• **PROBLEM DETAILS**:
Lines from the entries below that hold "color" form the answer; copy all of them.

• **TASK DATA**:
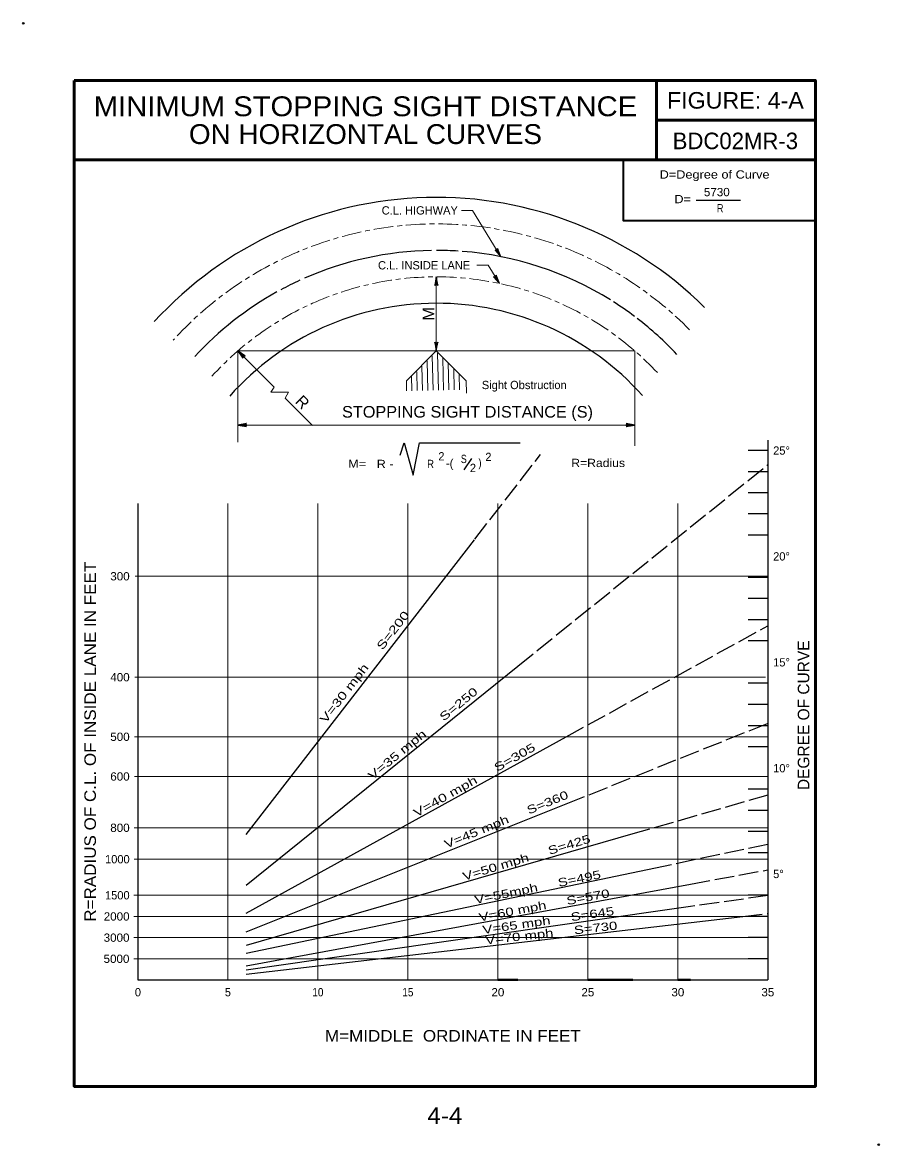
# Model space of a CAD drawing. Extents: x -960 to -151, y 1600 to 2660.
import ezdxf
from ezdxf.enums import TextEntityAlignment as Align

# ---------------------------------------------------------------- set-up
doc = ezdxf.new("R2010")
doc.units = 0
doc.header["$LTSCALE"] = 3.1
doc.header["$PDMODE"] = 32
doc.header["$PDSIZE"] = 1.55
doc.linetypes.add('LONG_DASH_SHORT_DASH', pattern=[9.9, 6, -1.2, 1.5, -1.2])
doc.linetypes.add('LONG_DASHED', pattern=[7.5, 6, -1.5])
doc.layers.add('1', color=7, linetype='Continuous', lineweight=25)
doc.layers.add('24', color=7, linetype='Continuous', lineweight=25)

msp = doc.modelspace()

# ---------------------------------------------------------------- linework, layer by layer
at = {"layer": '1', "lineweight": 53}
for p, q in [((-361.39, 2605.66), (-361.39, 2530.66)), ((-361.39, 2568.16), (-212.6, 2568.16)), ((-911.39, 2530.66), (-211.39, 2530.66))]:
    msp.add_line(p, q, dxfattribs=at)
at = {"layer": '1'}
for p, q in [((-324.14, 2492.71), (-282.05, 2492.71)), ((-256.31, 2265.94), (-256.31, 2256.23)), ((-543.02, 2238.11), (-535.77, 2248.68)), ((-256.31, 2256.23), (-275.06, 2256.23)), ((-256.31, 2256.02), (-256.31, 2156.23)), ((-256.31, 2236.21), (-275.06, 2236.21)), ((-851.31, 2206.23), (-851.31, 1756.23)), ((-256.31, 2216.19), (-275.06, 2216.19)), ((-256.31, 2196.32), (-275.06, 2196.32)), ((-256.31, 2176.27), (-275.06, 2176.27)), ((-749.12, 1893.73), (-533.5, 2171.86)), ((-256.31, 2156.19), (-256.31, 2056.23)), ((-256.31, 2136.37), (-275.06, 2136.37)), ((-256.31, 2116.36), (-275.06, 2116.36)), ((-256.31, 2096.36), (-275.06, 2096.36)), ((-256.31, 2076.43), (-275.06, 2076.43)), ((-749.12, 1845.78), (-492.61, 2052.53)), ((-256.31, 2056.19), (-256.31, 1956.23)), ((-256.31, 2036.41), (-275.06, 2036.41)), ((-256.31, 2016.27), (-275.06, 2016.27)), ((-256.31, 1996.27), (-275.06, 1996.27)), ((-749.12, 1819.48), (-446.71, 1985.92)), ((-256.31, 1976.34), (-275.06, 1976.34)), ((-256.31, 1956.17), (-256.31, 1856.23)), ((-256.31, 1936.32), (-275.06, 1936.32)), ((-749.12, 1801.74), (-446.71, 1922.6)), ((-256.31, 1916.43), (-275.06, 1916.43)), ((-383.81, 1894.11), (-749.12, 1788.94)), ((-256.31, 1896.31), (-275.06, 1896.31)), ((-256.31, 1876.38), (-275.06, 1876.38)), ((-354.91, 1863.56), (-749.12, 1781.37)), ((-256.31, 1856.13), (-256.31, 1756.23)), ((-749.12, 1769.71), (-329.41, 1846.85)), ((-256.31, 1836.36), (-275.06, 1836.36)), ((-329.41, 1825.53), (-749.12, 1765.57)), ((-749.12, 1761.88), (-280.11, 1816.22)), ((-256.31, 1816.34), (-275.06, 1816.34)), ((-256.31, 1796.34), (-275.06, 1796.34)), ((-256.31, 1776.36), (-275.06, 1776.36)), ((-851.31, 1756.23), (-256.31, 1756.23))]:
    msp.add_line(p, q, dxfattribs=at)
at = {"layer": '1', "lineweight": 13}
for p, q in [((-569.46, 2350.28), (-569.46, 2420.28)), ((-756.96, 2350.28), (-381.96, 2350.28)), ((-756.96, 2350.28), (-756.96, 2264.14)), ((-756.96, 2350.28), (-722.77, 2316.18)), ((-569.46, 2350.28), (-597.75, 2321.99)), ((-573.26, 2345.52), (-572.54, 2313.13)), ((-569.46, 2350.28), (-541.17, 2321.99)), ((-568.32, 2348.13), (-567.54, 2313.24)), ((-381.96, 2350.28), (-381.96, 2260.81)), ((-583.06, 2335.99), (-582.54, 2312.91)), ((-578.17, 2341.06), (-577.54, 2313.02)), ((-563.21, 2343.41), (-562.54, 2313.36)), ((-558.12, 2339.43), (-557.54, 2313.47)), ((-552.99, 2333.66), (-552.54, 2313.58)), ((-592.86, 2326.83), (-592.54, 2312.68)), ((-587.94, 2330.41), (-587.54, 2312.79)), ((-547.86, 2328.12), (-547.54, 2313.69)), ((-725.65, 2311.24), (-722.77, 2316.18)), ((-597.75, 2321.99), (-597.54, 2312.57)), ((-541.17, 2321.99), (-540.94, 2310.36)), ((-725.65, 2311.24), (-709.11, 2311.24)), ((-712.31, 2305.74), (-709.11, 2311.24)), ((-712.31, 2305.74), (-686.32, 2279.82)), ((-756.96, 2280.28), (-381.96, 2280.28)), ((-766.31, 2206.23), (-766.31, 1756.23)), ((-681.31, 2206.23), (-681.31, 1756.23)), ((-596.31, 2206.23), (-596.31, 1756.23)), ((-511.31, 2206.23), (-511.31, 1756.23)), ((-426.31, 2206.23), (-426.31, 1756.23)), ((-341.31, 2206.23), (-341.31, 1756.23)), ((-851.31, 2137.48), (-853.99, 2137.48)), ((-257.1, 2137.48), (-851.3, 2137.48)), ((-851.31, 2042.17), (-854.34, 2042.17)), ((-258.62, 2042.17), (-852.82, 2042.17)), ((-851.31, 1985.92), (-854.55, 1985.92)), ((-257.1, 1985.92), (-851.31, 1985.92)), ((-851.31, 1948.42), (-854.69, 1948.42)), ((-257.1, 1948.42), (-851.31, 1948.42)), ((-851.31, 1899.98), (-854.87, 1899.98)), ((-257.1, 1899.98), (-851.31, 1899.98)), ((-851.31, 1870.29), (-854.98, 1870.29)), ((-257.1, 1870.29), (-851.31, 1870.29)), ((-851.12, 1836.22), (-855.11, 1836.23)), ((-256.91, 1836.22), (-851.12, 1836.22)), ((-851.19, 1816.22), (-855.18, 1816.23)), ((-256.5, 1816.22), (-851.19, 1816.22)), ((-851.25, 1796.22), (-855.26, 1796.23)), ((-257.04, 1796.22), (-851.25, 1796.22)), ((-851.31, 1776.23), (-855.33, 1776.25)), ((-256.62, 1776.23), (-851.31, 1776.23))]:
    msp.add_line(p, q, dxfattribs=at)
at = {"layer": '1', "linetype": 'LONG_DASHED'}
for p, q in [((-533.04, 2172.46), (-470.94, 2252.56)), ((-492.61, 2052.53), (-256.31, 2242.99)), ((-446.71, 1985.92), (-256.31, 2090.71)), ((-446.71, 1922.6), (-256.31, 1998.7)), ((-256.31, 1930.81), (-383.81, 1894.11)), ((-256.31, 1884.11), (-354.91, 1863.56)), ((-329.41, 1846.85), (-256.31, 1860.28)), ((-256.31, 1835.98), (-329.41, 1825.53)), ((-280.11, 1816.22), (-256.31, 1818.98))]:
    msp.add_line(p, q, dxfattribs=at)
at = {"layer": '1', "lineweight": 40}
for p, q in [((-511.31, 1756.23), (-492.61, 1756.23)), ((-426.31, 1756.23), (-383.81, 1756.23)), ((-341.31, 1756.23), (-329.41, 1756.23))]:
    msp.add_line(p, q, dxfattribs=at)
at = {"layer": '1', "lineweight": 53}
msp.add_lwpolyline([(-911.39, 2605.66), (-211.39, 2605.66), (-211.39, 1655.66), (-911.39, 1655.66)], close=True, dxfattribs=at)
at = {"layer": '1', "lineweight": 35}
msp.add_lwpolyline([(-392.85, 2530.56), (-392.85, 2473.41), (-211.69, 2473.41)], dxfattribs=at)
at = {"layer": '1'}
msp.add_lwpolyline([(-603.62, 2251.88), (-599.74, 2263.53), (-591.41, 2232.99), (-585.31, 2263.53), (-490.41, 2263.53)], dxfattribs=at)
for centre, radius, start, end in [((-569.46, 2134.164), 361.116, 45.42777, 137.54733), ((-568.951, 2134.459), 310.746, 90.95926, 113.73793), ((-568.951, 2134.459), 310.746, 86.28879, 90.0523), ((-568.951, 2134.459), 310.746, 58.14873, 85.57496), ((-568.951, 2134.459), 310.746, 114.60525, 118.34462), ((-568.951, 2134.459), 310.746, 119.07499, 137.36857), ((-569.46, 2134.164), 261.116, 41.8056, 138.37101), ((-568.951, 2134.459), 310.746, 53.07374, 57.52681), ((-568.951, 2134.459), 310.746, 43.1678, 52.46845)]:
    msp.add_arc(centre, radius, start, end, dxfattribs=at)
at = {"layer": '1', "linetype": 'LONG_DASH_SHORT_DASH', "lineweight": 13}
for radius, start, end in [(336.116, 44.63731, 137.69998), (286.116, 43.14021, 137.79246)]:
    msp.add_arc((-569.46, 2134.164), radius, start, end, dxfattribs=at)
at = {"layer": '1'}
for p in [(-959.6, 2659.68), (-151.6, 1600.68)]:
    msp.add_point(p, dxfattribs=at)
at = {"layer": '24', "lineweight": 13}
for points in [[(-545.72, 2482.84), (-535.28, 2482.84), (-508.47, 2439.26)], [(-531.08, 2431.15), (-520.41, 2431.15), (-509.86, 2414)]]:
    msp.add_lwpolyline(points, dxfattribs=at)
at = {"layer": '24'}
for points in [[(-508.47, 2439.26), (-511.58, 2447.11), (-511.79, 2444.65), (-514.04, 2445.55), (-508.47, 2439.26), (-508.77, 2439.72), (-511.55, 2446.86), (-511.72, 2444.51), (-513.76, 2445.32), (-508.95, 2439.96), (-509.06, 2440.22), (-511.46, 2446.32), (-511.7, 2444.47), (-513.44, 2445.15), (-509.13, 2440.33), (-509.31, 2440.54), (-511.39, 2445.88), (-511.65, 2444.43), (-513.1, 2444.85), (-509.73, 2441.23), (-509.97, 2441.63), (-511.35, 2445.41), (-511.58, 2444.37), (-512.72, 2444.64), (-509.98, 2441.72), (-510.19, 2442.11), (-511.32, 2444.9), (-511.51, 2444.12), (-512.32, 2444.35), (-510.43, 2442.44), (-510.61, 2442.82), (-511.26, 2444.52), (-511.44, 2444.06), (-512.08, 2444.24), (-510.76, 2442.99), (-511.14, 2444.12), (-511.32, 2443.81), (-511.86, 2444.08), (-510.95, 2443.21), (-511.19, 2443.96), (-511.23, 2443.56), (-511.55, 2443.79), (-511.16, 2443.6), (-511.23, 2443.79)], [(-569.46, 2420.28), (-570.93, 2411.96), (-569.46, 2413.95), (-568.01, 2412.01), (-569.46, 2420.28), (-569.45, 2419.73), (-570.82, 2412.2), (-569.44, 2414.11), (-568.13, 2412.34), (-569.42, 2419.43), (-569.46, 2419.15), (-570.61, 2412.7), (-569.44, 2414.15), (-568.31, 2412.66), (-569.46, 2419.03), (-569.42, 2418.75), (-570.44, 2413.11), (-569.46, 2414.21), (-568.45, 2413.09), (-569.42, 2417.95), (-569.42, 2417.48), (-570.23, 2413.53), (-569.48, 2414.3), (-568.66, 2413.47), (-569.46, 2417.39), (-569.49, 2416.95), (-569.99, 2413.98), (-569.42, 2414.55), (-568.85, 2413.93), (-569.46, 2416.54), (-569.5, 2416.12), (-569.84, 2414.34), (-569.44, 2414.63), (-569, 2414.15), (-569.46, 2415.91), (-569.74, 2414.74), (-569.42, 2414.91), (-569.1, 2414.4), (-569.42, 2415.61), (-569.61, 2414.85), (-569.36, 2415.17), (-569.21, 2414.8), (-569.44, 2415.17), (-569.48, 2414.98)], [(-509.86, 2414), (-512.97, 2421.85), (-513.18, 2419.39), (-515.43, 2420.29), (-509.86, 2414), (-510.16, 2414.46), (-512.94, 2421.6), (-513.11, 2419.25), (-515.15, 2420.06), (-510.34, 2414.7), (-510.45, 2414.96), (-512.85, 2421.06), (-513.09, 2419.21), (-514.83, 2419.89), (-510.52, 2415.07), (-510.7, 2415.28), (-512.78, 2420.62), (-513.04, 2419.17), (-514.49, 2419.59), (-511.12, 2415.97), (-511.36, 2416.37), (-512.74, 2420.15), (-512.97, 2419.11), (-514.11, 2419.38), (-511.37, 2416.46), (-511.58, 2416.85), (-512.71, 2419.64), (-512.9, 2418.86), (-513.71, 2419.09), (-511.82, 2417.18), (-512, 2417.56), (-512.65, 2419.26), (-512.83, 2418.8), (-513.47, 2418.98), (-512.15, 2417.73), (-512.53, 2418.86), (-512.71, 2418.55), (-513.25, 2418.82), (-512.34, 2417.95), (-512.58, 2418.7), (-512.62, 2418.3), (-512.94, 2418.53), (-512.55, 2418.34), (-512.62, 2418.53)], [(-569.46, 2350.28), (-567.99, 2358.6), (-569.46, 2356.61), (-570.91, 2358.55), (-569.46, 2350.28), (-569.48, 2350.83), (-568.1, 2358.36), (-569.48, 2356.45), (-570.79, 2358.22), (-569.5, 2351.13), (-569.46, 2351.41), (-568.31, 2357.86), (-569.48, 2356.41), (-570.61, 2357.9), (-569.46, 2351.53), (-569.5, 2351.81), (-568.48, 2357.45), (-569.46, 2356.35), (-570.47, 2357.47), (-569.5, 2352.61), (-569.5, 2353.08), (-568.69, 2357.03), (-569.44, 2356.26), (-570.26, 2357.09), (-569.46, 2353.17), (-569.43, 2353.61), (-568.93, 2356.58), (-569.5, 2356.01), (-570.07, 2356.63), (-569.46, 2354.02), (-569.42, 2354.44), (-569.08, 2356.22), (-569.48, 2355.93), (-569.92, 2356.41), (-569.46, 2354.65), (-569.18, 2355.82), (-569.5, 2355.65), (-569.82, 2356.16), (-569.5, 2354.95), (-569.31, 2355.71), (-569.56, 2355.39), (-569.71, 2355.76), (-569.48, 2355.39), (-569.44, 2355.58)], [(-756.96, 2350.28), (-752.11, 2343.37), (-752.48, 2345.81), (-750.08, 2345.46), (-756.96, 2350.28), (-756.56, 2349.9), (-752.2, 2343.61), (-752.58, 2345.93), (-750.4, 2345.62), (-756.33, 2349.71), (-756.16, 2349.48), (-752.4, 2344.12), (-752.61, 2345.96), (-750.76, 2345.71), (-756.07, 2349.39), (-755.85, 2349.23), (-752.57, 2344.53), (-752.66, 2345.99), (-751.15, 2345.92), (-755.28, 2348.66), (-754.95, 2348.33), (-752.72, 2344.97), (-752.74, 2346.04), (-751.57, 2346.04), (-754.92, 2348.24), (-754.62, 2347.91), (-752.88, 2345.45), (-752.87, 2346.26), (-752.03, 2346.23), (-754.31, 2347.64), (-754.05, 2347.31), (-753.02, 2345.81), (-752.95, 2346.31), (-752.29, 2346.28), (-753.86, 2347.19), (-753.24, 2346.17), (-753.13, 2346.52), (-752.54, 2346.38), (-753.63, 2347.01), (-753.22, 2346.34), (-753.27, 2346.74), (-752.9, 2346.59), (-753.33, 2346.68), (-753.22, 2346.52)], [(-756.96, 2280.28), (-748.64, 2278.81), (-750.63, 2280.28), (-748.69, 2281.73), (-756.96, 2280.28), (-756.41, 2280.3), (-748.88, 2278.92), (-750.79, 2280.3), (-749.02, 2281.61), (-756.11, 2280.32), (-755.83, 2280.28), (-749.38, 2279.13), (-750.83, 2280.3), (-749.34, 2281.43), (-755.71, 2280.28), (-755.43, 2280.32), (-749.79, 2279.3), (-750.89, 2280.28), (-749.77, 2281.29), (-754.63, 2280.32), (-754.16, 2280.32), (-750.21, 2279.51), (-750.98, 2280.26), (-750.15, 2281.08), (-754.07, 2280.28), (-753.63, 2280.25), (-750.66, 2279.75), (-751.23, 2280.32), (-750.61, 2280.89), (-753.22, 2280.28), (-752.8, 2280.24), (-751.02, 2279.9), (-751.31, 2280.3), (-750.83, 2280.74), (-752.59, 2280.28), (-751.42, 2280), (-751.59, 2280.32), (-751.08, 2280.64), (-752.29, 2280.32), (-751.53, 2280.13), (-751.85, 2280.38), (-751.48, 2280.53), (-751.85, 2280.3), (-751.66, 2280.26)], [(-381.96, 2280.28), (-390.28, 2281.75), (-388.29, 2280.28), (-390.23, 2278.83), (-381.96, 2280.28), (-382.51, 2280.27), (-390.04, 2281.64), (-388.13, 2280.26), (-389.9, 2278.95), (-382.81, 2280.24), (-383.09, 2280.28), (-389.54, 2281.43), (-388.09, 2280.26), (-389.58, 2279.13), (-383.21, 2280.28), (-383.49, 2280.24), (-389.13, 2281.26), (-388.03, 2280.28), (-389.15, 2279.27), (-384.29, 2280.24), (-384.76, 2280.24), (-388.71, 2281.05), (-387.94, 2280.3), (-388.77, 2279.48), (-384.85, 2280.28), (-385.29, 2280.31), (-388.26, 2280.81), (-387.69, 2280.24), (-388.31, 2279.67), (-385.7, 2280.28), (-386.12, 2280.32), (-387.9, 2280.66), (-387.61, 2280.26), (-388.09, 2279.82), (-386.33, 2280.28), (-387.5, 2280.56), (-387.33, 2280.24), (-387.84, 2279.92), (-386.63, 2280.24), (-387.39, 2280.43), (-387.07, 2280.18), (-387.44, 2280.03), (-387.07, 2280.26), (-387.26, 2280.3)]]:
    msp.add_lwpolyline(points, dxfattribs=at)

# ---------------------------------------------------------------- texts
at = {"layer": '1'}
for s, height, width, p in [('MINIMUM STOPPING SIGHT DISTANCE', 18.75, 1.1, (-636.395, 2571.91)), ('FIGURE: 4-A', 15.63, 1.05, (-287, 2579.09)), ('ON HORIZONTAL CURVES', 18.75, 1.05, (-636.39, 2545.66)), ('D=Degree of Curve', 7.81, 1.15, (-306.645, 2513.01)), ('5730', 7.81, 1.05, (-304.525, 2496.37)), ('D=', 7.81, 1.15, (-336.81, 2489.77)), ('R', 7.81, 0.85, (-301.385, 2481.09)), ('STOPPING SIGHT DISTANCE (S)', 10.93, 1.05, (-540.02, 2287.31)), ('S', 7.81, 0.8, (-543.51, 2244.39)), ('10', 7.81, 0.9, (-681.315, 1740.8)), ('15', 7.81, 0.9, (-596.315, 1740.8)), ('20', 7.81, 1.05, (-511.315, 1740.8)), ('25', 7.81, 1.05, (-426.315, 1740.8)), ('30', 7.81, 1.05, (-341.315, 1740.8)), ('35', 7.81, 1.05, (-256.315, 1740.8)), ('M=MIDDLE  ORDINATE IN FEET', 10.93, 1.1, (-553.81, 1698.05)), ('4-4', 15.63, 1.1, (-561.39, 1620.35))]:
    msp.add_text(s, height=height, dxfattribs=dict(at, width=width)).set_placement(p, align=Align.CENTER)
for s, height, p in [('BDC02MR-3', 15.63, (-287.005, 2540.8)), ('C.L. HIGHWAY', 7.81, (-585.115, 2479.09)), ('C.L. INSIDE LANE', 7.81, (-581, 2427.24)), ('Sight Obstruction', 7.81, (-486.425, 2314.21)), ('0', 7.81, (-851.31, 1740.8)), ('5', 7.81, (-766.31, 1740.8))]:
    msp.add_text(s, height=height, dxfattribs=at).set_placement(p, align=Align.CENTER)
for s, height, rotation, width, p in [('M', 10.93, 90, 1.05, (-571.46, 2385.275)), ('R=RADIUS OF C.L. OF INSIDE LANE IN FEET', 10.93, 90, 1.1, (-890.99, 1981.225)), ('V=30 mph     S=200', 7.81, 52.214, 1.4, (-634.086, 2049.452)), ('V=35 mph     S=250', 7.81, 39.417, 1.4, (-579.755, 1985.996)), ('V=40 mph     S=305', 7.81, 29.377, 1.4, (-531.651, 1941.683)), ('V=45 mph     S=360', 7.81, 22.453, 1.35, (-501.911, 1904.237)), ('V=50 mph     S=425', 7.81, 16.871, 1.35, (-483.168, 1868.097)), ('V=55mph     S=495', 7.81, 11.606, 1.35, (-472.981, 1840.136)), ('V=60 mph     S=570', 7.81, 10.642, 1.35, (-466.891, 1822.978)), ('V=65 mph     S=645', 7.81, 8.286, 1.35, (-463.148, 1808.639)), ('V=70 mph     S=730', 7.81, 6.512, 1.35, (-460.463, 1796.851))]:
    msp.add_text(s, height=height, rotation=rotation, dxfattribs=dict(at, width=width)).set_placement(p, align=Align.CENTER)
for s, rotation, p in [('R', 315, (-699.678, 2298.028)), ('DEGREE OF CURVE', 90, (-217.14, 2006.21))]:
    msp.add_text(s, height=10.93, rotation=rotation, dxfattribs=at).set_placement(p, align=Align.CENTER)
for s, p in [('25°', (-251.31, 2252.32)), ('2', (-567.55, 2246.87)), ('-(', (-560.34, 2240.2)), ('2', (-523.15, 2246.31)), ('2', (-537.77, 2235.88)), ('20°', (-251.31, 2152.35)), ('15°', (-251.31, 2052.32)), ('10°', (-251.31, 1952.3)), ('5°', (-251.31, 1852.46))]:
    msp.add_text(s, height=7.81, dxfattribs=at).set_placement(p)
for s, width, p in [(')', 0.9, (-529.81, 2240.75)), ('R=Radius', 1.1, (-441.99, 2240.61)), ('M=', 1.15, (-652.75, 2239.92)), ('R -', 1.15, (-625.82, 2239.64)), ('R', 0.85, (-578.1, 2239.64))]:
    msp.add_text(s, height=7.81, dxfattribs=dict(at, width=width)).set_placement(p)
at = {"layer": '1', "width": 1.05}
for s, p in [('300', (-859.12, 2133.57)), ('400', (-859.12, 2038.26)), ('500', (-859.12, 1982.01)), ('600', (-859.12, 1944.51)), ('800', (-859.12, 1896.07)), ('2000', (-859.22, 1812.33)), ('3000', (-859.29, 1792.33)), ('5000', (-859.35, 1772.35))]:
    msp.add_text(s, height=7.81, dxfattribs=at).set_placement(p, align=Align.RIGHT)
at = {"layer": '1'}
for s, p in [('1000', (-859.12, 1866.38)), ('1500', (-859.16, 1832.33))]:
    msp.add_text(s, height=7.81, dxfattribs=at).set_placement(p, align=Align.RIGHT)

doc.saveas('drawing.dxf')

• **SOLUTION TO THE PROBLEM**:
doc.layers.add('1', color=7, linetype='Continuous', lineweight=25)
doc.layers.add('24', color=7, linetype='Continuous', lineweight=25)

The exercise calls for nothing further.